En la sesión plenaria de este miércoles en las Cortes de Castilla y León, se ha aprobado la Proposición de Ley de Reforma de la Publicidad Institucional. Todos los grupos parlamentarios, menos el Partido Popular y los partidos provinciales, han aprobado la propuesta registrada originalmente por Podemos, que reducirá considerablemente la capacidad que hasta ahora tenía la Junta para comprar medios de comunicación a través de la publicidad institucional.
Así informa el digital “diariored.com” quien agrega que el hasta ahora vigente permitía la Gobierno castellanoleonés utilizar las subvenciones públicas a medios de comunicación permitía para controlar muchos medios de comunicación por la vía de la financiación. Hablamos de “pseudomedios” y diarios digitales cuya principal fuente de ingresos es la publicidad institucional, es decir, dependen económicamente de ella. Y ya sabemos que, cuando hablamos de medios, la dependencia económica se traduce en dependencia editorial.
Por ello, el elemento central que propone la nueva Ley es que la publicidad institucional no podrá superar el 33% del total de sus ingresos. Así, todos aquellos medios, especialmente digitales, cuya viabilidad financiera depende exclusivamente de los fondos públicos, deberán dejar de funcionar o, al menos, deberán replantear su rol de voceros de sus financiantes políticos. Como el texto de la nueva norma no especifica si la limitación se refiere sólo a la financiación autonómica o abarca también a la financiación de ámbito estatal, se le ofreció al Partido Popular una enmienda transaccional que concretara esta cuestión, pero los de Mañueco se negaron.
Como las enmiendas transaccionales requieren de unanimidad para ser aprobadas, esta no salió adelante.
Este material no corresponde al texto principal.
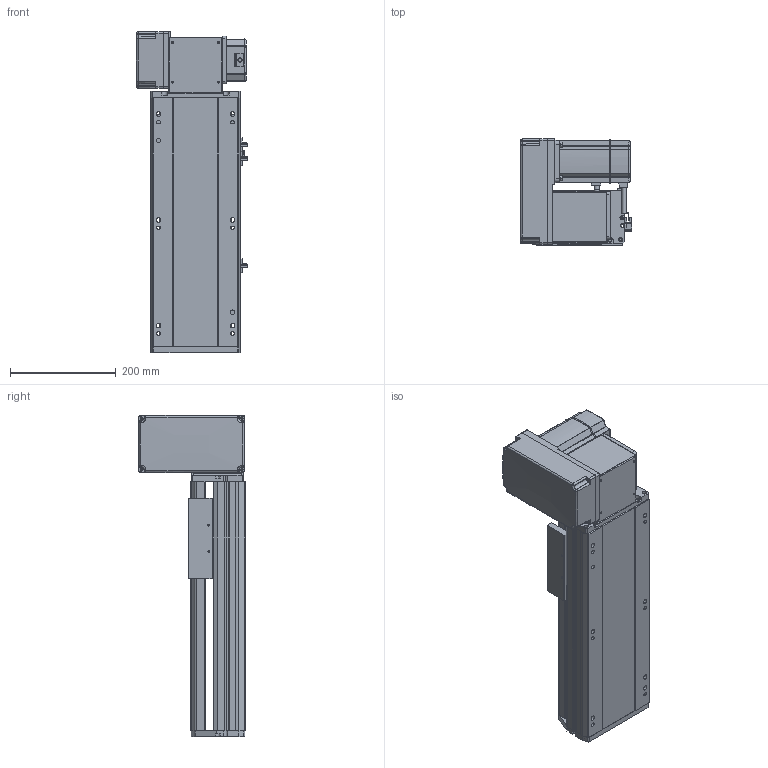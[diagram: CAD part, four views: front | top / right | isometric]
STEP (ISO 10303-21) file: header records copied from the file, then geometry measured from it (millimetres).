
FILE_DESCRIPTION (( 'STEP AP214' ), '1' );
FILE_NAME ('RTB17S-XX-200-LW-M75-C4.STEP', '2025-12-12T00:58:58', ( '' ), ( '' ), 'SwSTEP 2.0', 'SolidWorks 2018', '' );
FILE_SCHEMA (( 'AUTOMOTIVE_DESIGN' ));
Length unit declared in the file: millimetre
Products named in the file (15): EE672^RTB17S-XX-XX-LW-M75-C4; RTB17S-L-001-耜醱啣^RTB17S-XX-XX-LW-M75-C4; RTB17-R-011菁釱^RTB17S-XX-XX-LW-M75-C4; RTB17S-LW-々湍釱蚾饜-750W^RTB17S-XX-XX-LW-M75-C4; RTB22S-GY-018P^RTB17S-LW-々湍釱蚾饜-750W_RTB17S-XX-XX-LW-M75-C4; 750W萇儂^RTB17S-XX-XX-LW-M75-C4; RTB22S-GY-017P^RTB17S-LW-々湍釱蚾饜-750W_RTB17S-XX-XX-LW-M75-C4; RTB22S-GY-005P^RTB17S-LW-々湍釱蚾饜-750W_RTB17S-XX-XX-LW-M75-C4; RTB17S-L-004-賑釱^RTB17S-賑釱_RTB17S-XX-XX-LW-M75-C4; RTB17S-L-014-T20-P75--々湍釱^RTB17S-LW-々湍釱蚾饜-750W_RTB17S-XX-XX-LW-M75-C4; RTB17S-L-007奻裔^RTB17S-XX-XX-LW-M75-C4; RTB22S-GY-008-M75--萇儂啣^RTB17S-LW-々湍釱蚾饜-750W_RTB17S-XX-XX-LW-M75-C4; RTB17S-XX-200-LW-M75-C4; RTB17S-賑釱^RTB17S-XX-XX-LW-M75-C4; RTH13-BL-012覜茼え俋离^RTB17S-賑釱_RTB17S-XX-XX-LW-M75-C4
Assembly tree (17 placements, depth 3):
  RTB17S-XX-200-LW-M75-C4
    RTB17-R-011菁釱^RTB17S-XX-XX-LW-M75-C4
    EE672^RTB17S-XX-XX-LW-M75-C4  x3
    RTB17S-L-001-耜醱啣^RTB17S-XX-XX-LW-M75-C4
    RTB17S-賑釱^RTB17S-XX-XX-LW-M75-C4
      RTB17S-L-004-賑釱^RTB17S-賑釱_RTB17S-XX-XX-LW-M75-C4
      RTH13-BL-012覜茼え俋离^RTB17S-賑釱_RTB17S-XX-XX-LW-M75-C4
    RTB17S-L-007奻裔^RTB17S-XX-XX-LW-M75-C4
    750W萇儂^RTB17S-XX-XX-LW-M75-C4
    RTB17S-LW-々湍釱蚾饜-750W^RTB17S-XX-XX-LW-M75-C4
      RTB17S-L-014-T20-P75--々湍釱^RTB17S-LW-々湍釱蚾饜-750W_RTB17S-XX-XX-LW-M75-C4
      RTB22S-GY-005P^RTB17S-LW-々湍釱蚾饜-750W_RTB17S-XX-XX-LW-M75-C4
      RTB22S-GY-017P^RTB17S-LW-々湍釱蚾饜-750W_RTB17S-XX-XX-LW-M75-C4  x2
      RTB22S-GY-008-M75--萇儂啣^RTB17S-LW-々湍釱蚾饜-750W_RTB17S-XX-XX-LW-M75-C4
      RTB22S-GY-018P^RTB17S-LW-々湍釱蚾饜-750W_RTB17S-XX-XX-LW-M75-C4
Bounding box: 210.4 x 201.5 x 607.5 mm (x, y, z)
Volume: 7202833.1 mm3; surface area: 1087356.4 mm2
Topology: 17 solids, 17 shells, 2025 faces, 5566 edges, 3590 vertices
Faces by surface type: plane 962, cylinder 647, bspline 294, cone 110, sphere 8, torus 4
Entity records: 55030 total; most frequent: CARTESIAN_POINT 16030, ORIENTED_EDGE 7976, DIRECTION 7502, EDGE_CURVE 3988, AXIS2_PLACEMENT_3D 2610, VERTEX_POINT 2594, LINE 2282, VECTOR 2282

Por ello, el resto de grupos ya negocian una nueva enmienda que especifique que el límite del 33% se aplica sólo a la financiación proveniente de la Junta.
La semana pasada, y a sabiendas de que la reforma estaba cerca de aprobarse, el PP asignó una partida 48 millones a RTVCYL (Televisión de Castilla y León). Esta televisión privada, con apenas un 1% de audiencia, está controlada por los dos grandes grupos mediáticos de la región; Promecal de Antonio Miguel Méndez Pozo y Edigroup de José Luis Ulibarri, ambos constructores.